The lodge was rebuilt from scratch in the 70's when the Inn bought it. See my "drive by report" from last year.






Next Lesson. Small, more remote resorts are the place to go during holiday periods. Simply put they are never crowded. Why wait in lift lines and fight for seats in the lodge and walk forever from the parking lot?

Next lesson. Learn to enjoy slow fixed grip. Especially on bluebird days.






This is the double chair. It was installed in the 70s. "The Face" is the groomed trail to your left. It's black diamond and impeccably groomed. 

Next Lesson. When you get lemons, make lemonade. Conditions in Central and Northern Vermont and NH are wicked right now. Here is how Mad River described it today: "The main mountain terrain is in pretty rough shape with a glacial, lunar surface with a thin veneer of fluffy powder. What we need is a decent storm of 6-12" of snow with "some grip to it" if we are to get the big hill going again soon. " This sums it up pretty well everywhere I went. If your resort has a huge investment in heavy equipment machinery, that's the ONLY way you're gonna have tolerable conditions. 

The snow skied marginally at all areas. Dust on concrete describes it well. Problem is that the un-groomed trails have the old tracks and skid piles frozen in perpetuity.





If you look to the right of this chair, these trails look lovely, right? Nada. This is lunar moon material. It looks tempting, but NOTHING on it moves. 






The picture above shows what the moon looks like. Lovely, eh? Even those foot tracks are frozen solid. 

So, Lesson for the day, stay on the groomers.

Suicide did a great job of grooming out several trails. There were lots of options, but anything declared as "natural" was to be avoided. They groomed it pretty heavily. Falling would be hard, but there were no death cookies to be seen.

Suicide could be awesome on a powder day.
Regarding historical trails, these trails are as they were carved 70 years ago. In fact, the trees have had ample time to grow back in, and in a few cases they shroud the trail like a canopy. It's really a lot of fun on Skyline and The Chute.










View from "The Face"










The top of the mountain reminds me of the bowls at Steamboat.
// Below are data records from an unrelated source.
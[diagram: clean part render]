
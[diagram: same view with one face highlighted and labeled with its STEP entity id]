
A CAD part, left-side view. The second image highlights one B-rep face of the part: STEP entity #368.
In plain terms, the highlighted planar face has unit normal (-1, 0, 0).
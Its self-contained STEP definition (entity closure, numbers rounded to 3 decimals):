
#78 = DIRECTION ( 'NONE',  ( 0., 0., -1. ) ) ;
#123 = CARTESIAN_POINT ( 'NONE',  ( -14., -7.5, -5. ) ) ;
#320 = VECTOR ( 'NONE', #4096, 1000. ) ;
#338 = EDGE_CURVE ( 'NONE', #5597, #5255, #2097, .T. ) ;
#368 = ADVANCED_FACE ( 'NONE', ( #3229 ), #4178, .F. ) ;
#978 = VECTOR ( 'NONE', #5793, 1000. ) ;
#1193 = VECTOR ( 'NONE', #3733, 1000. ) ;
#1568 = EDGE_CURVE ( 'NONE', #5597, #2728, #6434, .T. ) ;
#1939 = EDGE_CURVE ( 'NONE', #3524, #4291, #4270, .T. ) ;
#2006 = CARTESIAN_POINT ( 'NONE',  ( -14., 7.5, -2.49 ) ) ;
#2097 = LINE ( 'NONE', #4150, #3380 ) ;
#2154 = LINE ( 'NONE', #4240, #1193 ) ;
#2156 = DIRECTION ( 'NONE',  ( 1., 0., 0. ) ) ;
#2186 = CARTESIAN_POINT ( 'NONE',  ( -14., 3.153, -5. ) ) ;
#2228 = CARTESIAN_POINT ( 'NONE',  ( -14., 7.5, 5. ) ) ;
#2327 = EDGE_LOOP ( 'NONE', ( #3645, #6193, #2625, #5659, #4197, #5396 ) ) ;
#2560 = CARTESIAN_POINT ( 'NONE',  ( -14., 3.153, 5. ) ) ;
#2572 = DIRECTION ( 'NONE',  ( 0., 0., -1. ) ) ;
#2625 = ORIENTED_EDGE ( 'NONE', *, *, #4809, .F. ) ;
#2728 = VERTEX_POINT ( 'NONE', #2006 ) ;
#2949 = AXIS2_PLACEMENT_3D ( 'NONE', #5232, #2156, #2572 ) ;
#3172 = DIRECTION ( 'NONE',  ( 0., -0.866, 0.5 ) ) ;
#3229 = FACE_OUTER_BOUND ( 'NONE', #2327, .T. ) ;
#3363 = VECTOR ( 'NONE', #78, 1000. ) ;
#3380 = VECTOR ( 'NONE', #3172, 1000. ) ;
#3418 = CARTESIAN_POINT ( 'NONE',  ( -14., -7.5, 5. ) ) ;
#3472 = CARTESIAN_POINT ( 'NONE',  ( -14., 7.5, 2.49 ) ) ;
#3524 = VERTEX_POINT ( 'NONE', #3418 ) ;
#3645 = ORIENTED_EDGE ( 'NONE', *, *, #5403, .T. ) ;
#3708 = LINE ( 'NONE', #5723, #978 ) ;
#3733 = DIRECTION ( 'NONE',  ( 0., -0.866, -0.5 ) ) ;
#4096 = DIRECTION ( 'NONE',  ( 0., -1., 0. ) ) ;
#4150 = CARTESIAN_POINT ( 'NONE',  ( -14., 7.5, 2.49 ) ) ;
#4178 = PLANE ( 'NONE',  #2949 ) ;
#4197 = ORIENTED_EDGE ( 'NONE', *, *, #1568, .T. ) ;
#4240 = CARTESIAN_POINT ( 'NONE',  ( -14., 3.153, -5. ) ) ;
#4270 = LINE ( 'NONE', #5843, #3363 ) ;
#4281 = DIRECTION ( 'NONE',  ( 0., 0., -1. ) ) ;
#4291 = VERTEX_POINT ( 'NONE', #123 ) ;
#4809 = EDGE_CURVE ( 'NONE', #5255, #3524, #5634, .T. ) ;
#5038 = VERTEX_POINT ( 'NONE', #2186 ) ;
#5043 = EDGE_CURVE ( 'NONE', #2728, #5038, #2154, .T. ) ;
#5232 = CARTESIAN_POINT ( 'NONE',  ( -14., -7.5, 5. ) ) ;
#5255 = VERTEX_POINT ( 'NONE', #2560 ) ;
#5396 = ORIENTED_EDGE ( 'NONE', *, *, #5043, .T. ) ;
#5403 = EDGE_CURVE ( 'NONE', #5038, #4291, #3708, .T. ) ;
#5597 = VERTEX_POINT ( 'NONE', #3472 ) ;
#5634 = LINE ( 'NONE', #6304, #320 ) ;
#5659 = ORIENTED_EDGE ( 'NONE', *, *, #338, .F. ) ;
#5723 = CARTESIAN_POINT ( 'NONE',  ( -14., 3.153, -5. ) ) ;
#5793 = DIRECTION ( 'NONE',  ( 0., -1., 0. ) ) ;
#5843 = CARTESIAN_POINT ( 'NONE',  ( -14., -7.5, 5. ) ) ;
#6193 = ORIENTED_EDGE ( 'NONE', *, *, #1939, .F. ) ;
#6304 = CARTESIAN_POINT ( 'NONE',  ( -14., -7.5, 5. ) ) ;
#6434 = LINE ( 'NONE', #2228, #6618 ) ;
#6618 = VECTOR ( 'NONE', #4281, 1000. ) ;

It's wide and relatively flat. 


Much of the area borders pastureland, which is incredibly scenic.








I was pleased to find a really nice article in yesterday's Boston Globe about the place.

Next Stop, Dartmouth College's Skiway.


----------



## roark (Jan 2, 2009)

Nice, I've always wanted to check that place out.


----------



## Johnskiismore (Jan 2, 2009)

'The Face' trail looks pretty steep!  Never skied there before, on the to do list


----------



## TheBEast (Jan 2, 2009)

I learned to ski at Suicide (and Quechee Lakes and Whaleback).  Haven't been there (any of them) in probably 10+ years.  Nice report!


----------



## Warp Daddy (Jan 2, 2009)

Great job Bill very scenic . I can appreciate your candor that looks pretty much dust on  crust  

Always stiop there when traveling thru that area in spring and fall never skied it == maybe its time !!


----------



## billski (Jan 2, 2009)

After a good night's rest, I was pleased to find a really nice article in yesterday's Boston Globe about Suicide Six.


----------



## wa-loaf (Jan 2, 2009)

Very cool and from your pics it looks like it has a pretty good pitch.


----------



## MrMagic (Jan 2, 2009)

great report, nice to s6!! a fun area


----------



## billski (Jan 4, 2009)

*more photos*

northern approach:





Winter sun contrasts against S6:


----------



## playoutside (Jan 4, 2009)

Great pictures and report. I skied there last winter for the first time and while your points about small, charming old areas are spot on, conditions couldn't have been different.  It snowed all day and the face was a soft mogul field, we even found knee deep powder on the backside!  We had a fantastic day there last year and have tickets to go again -- probably in Feb.  These small areas really offer a different exerience that shouldn't be missed.


----------